### Data section
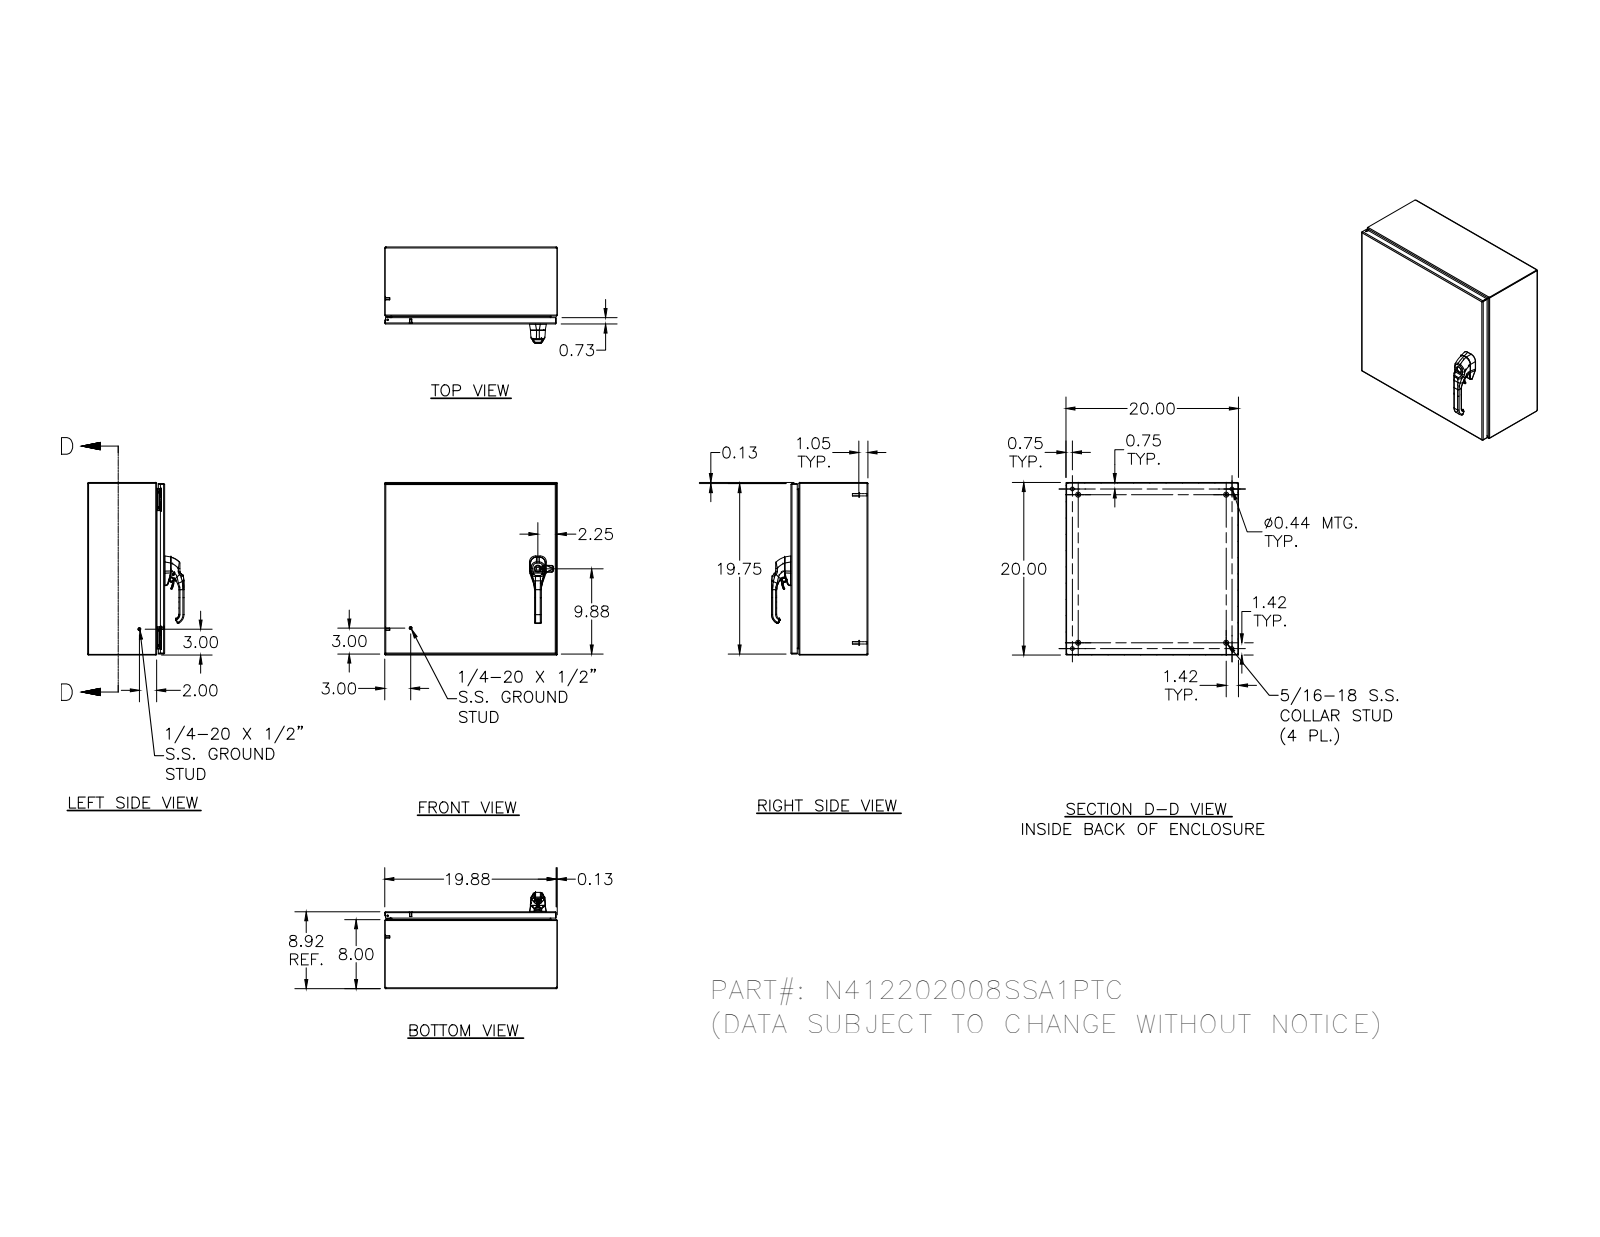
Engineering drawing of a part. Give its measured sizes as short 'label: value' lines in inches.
name: N412202008SSA1PTC; N412202008SSA1PTCBKP; N4122020SSA1PTCLID; HFW328176 (+8 more)
written by: Autodesk Inventor 2012 (AUTOMOTIVE_DESIGN)
unit: in
bodies: 41 solids, 2784 faces (882 planar, 1037 cylindrical, 865 other)
size: 20 × 20 × 11.166
volume: 125.6 in³; area: 3 314 in²
holes: 5× ⌀0.188, 4× ⌀0.093, 4× ⌀0.152, 4× ⌀0.167, 4× ⌀0.172, 4× ⌀0.437, 3× ⌀0.213, 3× ⌀0.281, 2× ⌀0.156, 2× ⌀0.315, 2× ⌀0.402, 2× ⌀0.413
bosses: 10× ⌀0.25, 4× ⌀0.563, 4× ⌀0.36, 4× ⌀0.32, 4× ⌀0.3, 4× ⌀0.275, 4× ⌀0.256, 4× ⌀0.164
rounds: 174× R0.02, 101× R0.012, 30× R0.031, 26× R0.05, 21× R0.019, 20× R0.105, 18× R0.016, 14× R0.079
face distances: 0.074, 8.843, 19.926, 8.917, 8.769, 19.852, 20, 7.926, 0.917, 0.739
hole spacings: 15.996, 18.5, 18.872, 0.017, 0.66, 16.004, 16.656, 0.019
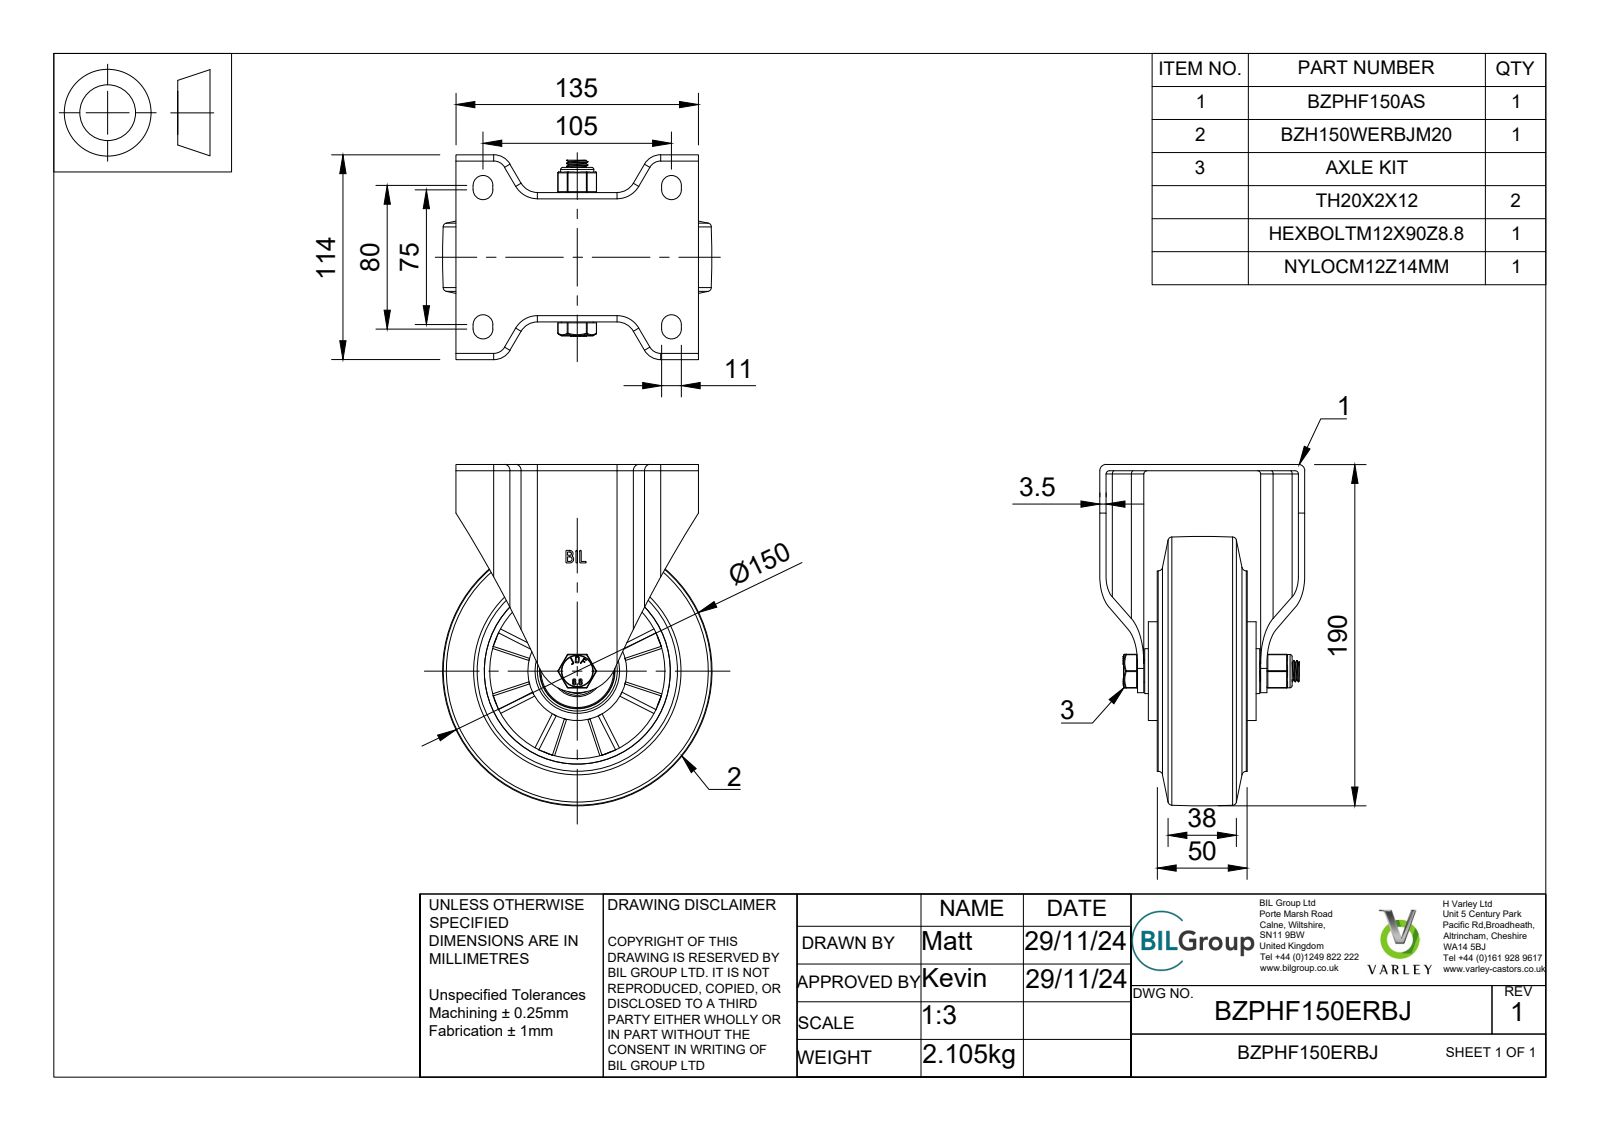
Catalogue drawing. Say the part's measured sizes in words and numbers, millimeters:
The part is named "BZPHF150ERBJ v3; BZPHF150AS - 65 v1; ZINC PLATED, PRESSED STEEL BRACKET (1); BZH150WERBJM20 v1 (+8 more)". Its 3-D file was written by "Autodesk Translation Framework v13.20.0.188 (AP242_MANAGED_MODEL_BASED_3D_ENGINEERING_MIM_LF)". It is 35 solids with 1492 faces: 661 planar, 297 cylindrical and 534 other. Overall it measures 190 by 150 by 114 millimeters. Its volume is 711 681 cubic millimeters and its surface area 254 658 square millimeters. Round holes: 1 of diameter 12, 1 of diameter 12.1, 1 of diameter 12.2, 1 of diameter 14, 1 of diameter 20, 1 of diameter 28.5, 1 of diameter 32, 1 of diameter 41.5, 1 of diameter 42, 1 of diameter 44, 1 of diameter 47, 1 of diameter 97.5. Round bosses or shafts: 1 of diameter 111.5, 1 of diameter 55, 1 of diameter 40.5, 1 of diameter 40, 1 of diameter 29, 1 of diameter 27, 1 of diameter 25, 1 of diameter 19.8. Partial cylindrical surfaces (rounded edges, fillets, slot ends): 20 of radius 0.5, 12 of radius 4, 12 of radius 6, 8 of radius 1.75, 8 of radius 3.5, 8 of radius 5.5, 8 of radius 10.5, 4 of radius 0.47. The main face-to-face distances are 3.5, 68.5, 11, 49, 21, 89.5, 6, 2.5, 13.5, 55.

### Task
Only lines holding the string "measured" are wanted; gather each one from the entries above.

### Response below
Engineering drawing of a part. Give its measured sizes as short 'label: value' lines in inches.
Catalogue drawing. Say the part's measured sizes in words and numbers, millimeters:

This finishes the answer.